После этого мы вдвоем тихонько подкрались к двери настолько близко, насколько это позволяли рундуки, которыми мы её прижали, и здесь, согнувшись в три погибели, мы стали прислушиваться; правда, ничего не могли понять, что это было, что издавало такие странные звуки. Они не были похожи ни на шарканье ног, ни на топанье, не походили они ни на трепет крыльев летучей мыши, а о них я подумал первым делом, так как слышал слухи о вампирах, появляющихся по ночам в таких зловещих и мрачных местах, не похоже это было и на едва различимый шорох ползущей змеи. Можно сказать, что больше всего это напоминало елозание половой тряпки, когда ей драят палубу, пол в каютах или межпалубные переборки. Нам очень хотелось открыть дверь и посмотреть, что там происходит, чтобы убедиться в правильности своих догадок, но вдруг, совсем неожиданно, хлюпающим мазком что-то волоком прошло снаружи по нашей двери, за которой мы притаились и слушали. От этого звука мы испугавшись отпрянули назад, хотя между нами и тем, что терло по двери и по стенам стояли рундуки, прижатые к толстой двери.
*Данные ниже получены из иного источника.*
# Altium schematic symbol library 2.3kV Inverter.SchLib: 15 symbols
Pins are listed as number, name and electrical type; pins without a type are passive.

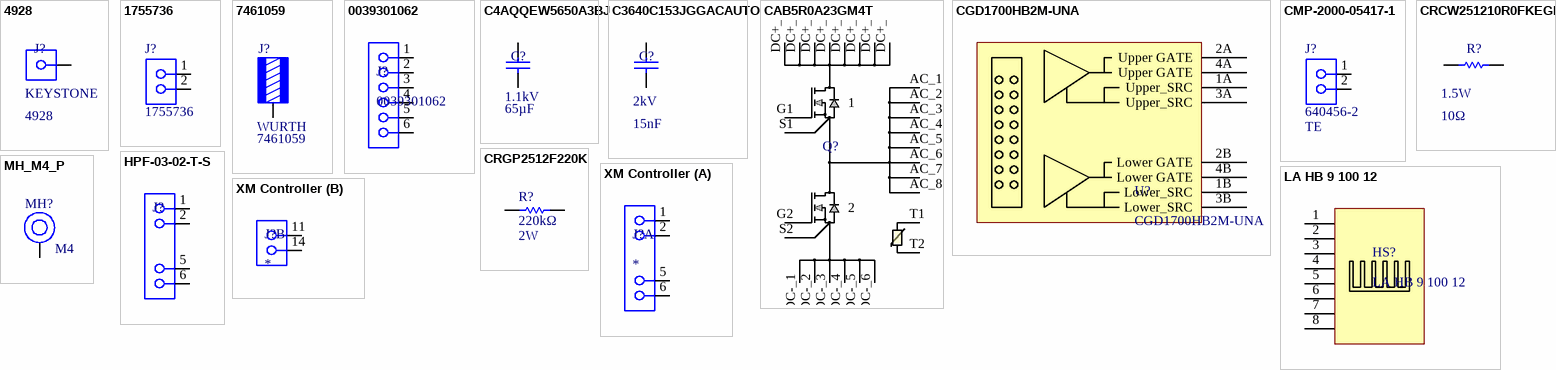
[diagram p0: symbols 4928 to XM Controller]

## 4928
designator J?  Manufacturer: KEYSTONE  (hidden comment: 4928)
QUICK FIT TERMINAL .240"
footprint KEYSTONE_4928
pins: 1,2,3

## 1755736
designator J?
Male Header, Pitch 5.08 mm, 1 x 2 Postion, Height 12 mm, Tail Length 3.9 mm, RoHS, Bulk; Manufacturer: Phoenix Contact; Content: 250pc(s); Pitch: 5.08mm; Industrial packaging: Yes; Number of contacts: 2
footprint 1755736 (THD, 2-Leads, Body 12.16x8.6mm, Pitch 5.08mm)
pins: 1, 2

## 7461059
designator J?  Manufacturer: WURTH  (hidden comment: 7461059)
TERM REDCUBE M6 16PIN PCB; NexarPartId: 75500417; Current Rating: 240A
footprint 7461059 (M6, thr 13.5mm)
pins: 1

## 0039301062
designator J?
CONN HEADER R/A 6POS 4.2MM; Manufacturer: MOLEX
footprint FP-39-30-1062-MFG
pins: 1, 2, 3, 4, 5, 6

## C4AQQEW5650A3BJ
designator C?  value 65µF  Voltage: 1.1kV  (hidden comment: C4AQQEW5650A3BJ)
CAP FILM 65UF 5% 1.1KVDC RAD; Manufacturer: KEMET
footprint C4AQNEW5650M3BJ
pins: 1A,1B 1, 2A,2B 2

## C3640C153JGGACAUTO
designator C?  value 15nF  Voltage: 2kV  (hidden comment: C3640C153JGGACAUTO)
CAP CER 0.015UF 2KV C0G/NP0 3640; Manufacturer: KEMET
footprint CAPC9501060_270N_KEM
footprint CAPC9501060_270N_KEM-L
footprint CAPC9501060_270N_KEM-M
pins: 1, 2

## CAB5R0A23GM4T
designator Q?  (value not drawn)
Manufacturer: WOLFSPEED
footprint CAB5R0A23GM4 (Wolfpack GM Half-Bridge 2.3kV footprint)
footprint CAB5R0A23GM4_NOHOLE (Wolfpack GM Half-Bridge 2.3kV footprint)
pins: AC_1, AC_2, AC_3, AC_4, AC_5, AC_6, AC_7, AC_8, DC+_1, DC+_2, DC+_3, DC+_4, DC+_5, DC+_6, DC+_7, DC+_8, DC-_1, DC-_2, DC-_3, DC-_4, DC-_5, DC-_6, G1, G2, S1, S2, T1 NTC1, T2

## CGD1700HB2M-UNA
designator U?
CONN HEADER SMD 4POS 2.54MM; Sub-part1: TSM-102-02-S-DV; Manufacturer: WOLFSPEED
footprint CGD1700HB2P-UNA (Wolfpack FM/GM Gate Driver)
footprint CGD1700HB2P-UNA_NOHOLE (Wolfpack FM/GM Gate Driver)
pins: 1A Upper_SRC, 1B Lower_SRC, 2A Upper GATE, 2B Lower GATE, 3A Upper_SRC, 3B Lower_SRC, 4A Upper GATE, 4B Lower GATE

## CMP-2000-05417-1
designator J?, comment 640456-2  Manufacturer Print: TE
Male Header, Pitch 2.54 mm, 1 x 2 Position, Height 10.49 mm, Tail Length 3.556 mm, -55 to 105 degC, RoHS, Bulk; Manufacturer: TE Connectivity; Standards: RoHSCompliant,ELVCompliant,UL94V-0; Material, Housing: Polyester; Agency Approvals: CSA,UL; Brand/Series: MTA-100Series; Contact Centerline Spacing: 0.100 / in.; Material, Contact: CopperAlloy; Current, Rating: 5 / A; Color, Housing: White; Contact Termination Area Plating: Tin; Special Features: Pinstrip; Number of Positions: 2; Pin Spacing: 0.1 / "; Temperature, Operating: -55to+105 / degC; Angle: Straight; Mount Angle: Vertical; Connector Type: MTA-100; Primary Type: InterconnectSystem; Voltage, Rating: 250 / V; Mounting Hole Size: 0.04 / "
footprint TECO-640456-2_V (HDR, 2-Leads, Body 5.715x5.08mm, Pitch 2.54mm)
pins: 1, 2

## CRCW251210R0FKEGHP
designator R?  value 10Ω  Power: 1.5W  (hidden comment: CRCW251210R0FKEGHP)
RES SMD 10 OHM 1% 1.5W 2512; Manufacturer: VISHAY DALE
footprint FP-RMCF2512-IPC_A
footprint FP-RMCF2512-IPC_B
footprint FP-RMCF2512-IPC_C
footprint FP-RMCF2512-MFG
pins: 1, 2

## CRGP2512F220K
designator R?  Resistance: 220kΩ  Power Rating: 2W  (hidden comment: CRGP2512F220K)
RES 220K OHM 1% 2W 2512; Manufacturer: TE; Value: 220kΩ; Temperature Coefficient: ±100ppm/°C; Tolerance: 0.01; Voltage Rating: 500V
footprint FP-CRGP2512-IPC_C
footprint FP-CRGP2512-IPC_A
footprint FP-CRGP2512-IPC_B
pins: 1, 2

## HPF-03-02-T-S
designator J?  (value not drawn)
CONN RCPT 3POS 0.2 TIN SMD
footprint SAMTEC_HPF-03-02-T-S
pins: 1, 2, 5, 6

## LA HB 9 100 12
designator HS?
HEATSINK EXTRUSION 100MM; Manufacturer: FISCHER
footprint LA HB 9 100
pins: 1, 2, 3, 4, 5, 6, 7, 8

## MH_M4_P
designator MH?  Size: M4  (hidden comment: *)
footprint MH_M4_P (M4 plated mounting hole)
pins: 1

## XM Controller
designator J?
footprint XM CONTROLLER
part A pins: 1, 2, 5, 6
part B pins: 11, 14

Неожиданно всё стихло, и сколько бы мы не прислушивались, больше мы ничего не слышали. Не смотря на это, до самых первых утренних часов мы все равно не могли спать, всё ломали голову над тем, что бы это могло быть, что шарило в потемках по полу и стенам в кают-компании.

Затем, в свой положенный час наступил новый день и рычание прекратилось, и снова это бесконечное скорбное стенание наполнило наши уши, а потом, наконец, на нас свалилась мертвая тишина, которая здесь обычна в дневные часы, и словно камнем придавила нас.

В наступившей тишине, невероятно измученные и утомленные, мы все-таки заснули. Около семи часов утра боцман разбудил меня, смотрю, а наши ребята открыли дверь кают-компании и уже ходят везде, однако, сколько бы мы с боцманом не искали того, что могло напустить на нас такого страху среди ночи, найти хоть какой-нибудь след нам так и не удалось. В тоже время я сомневаюсь, будет ли правильным сказать, что мы ничего не обнаружили, поскольку в нескольких местах кормовые переборки имели довольно потертый вид, правда, мы точно не знали, были они такими раньше или стали такими после этой ночи.

Боцман велел мне не говорить никому о том, что мы слышали этой ночью, поскольку не было никакой нужды пугать ребят, они и без того были сильно напуганы. Я решил – это мудрое решение и поэтому держал язык за зубами. К тому же я хотел понять, что это было, чего мы так сильно испугались, более того, мне очень хотелось узнать, проявит ли оно себя как-нибудь образом днем. Куда бы я ни пошел, чем бы я не занимался, – я постоянно думал об этом. Почему-то мне казалось, что оно может напасть и уничтожить нас всех.

После завтрака, на который каждый из нас получил свою порцию свиной солонины, стопку рома и галету (к этому времени огонь на камбузе мы уже развели), под чутким руководством боцмана нас ожидали трудовые свершения. Джош и двое матросов проверили бочонки для пресной воды, а остальные занялись люковыми чехлами, так как нужно было узнать, какой груз везут на этом судне. Но увы, к нашему великому разочарованию, мы не нашли ничего! Да и, баки с водой были, считай, пустые, вода стояла в них где-то фута на три от дна.

К этому времени Джош уже открыл одну из бочек, но к великому нашему сожалению вода в ней оказалась, считай, непригодной для питья, потому как запах у неё был затхлый и вкус отвратительный. Тем не менее боцман приказал ему вылить всю воду в ведра, надеясь на то, что постояв на воздухе она станет лучше. Сделать то это он сделал, да только вот, даже простояв всё утро вода от этого особенно лучше не стала.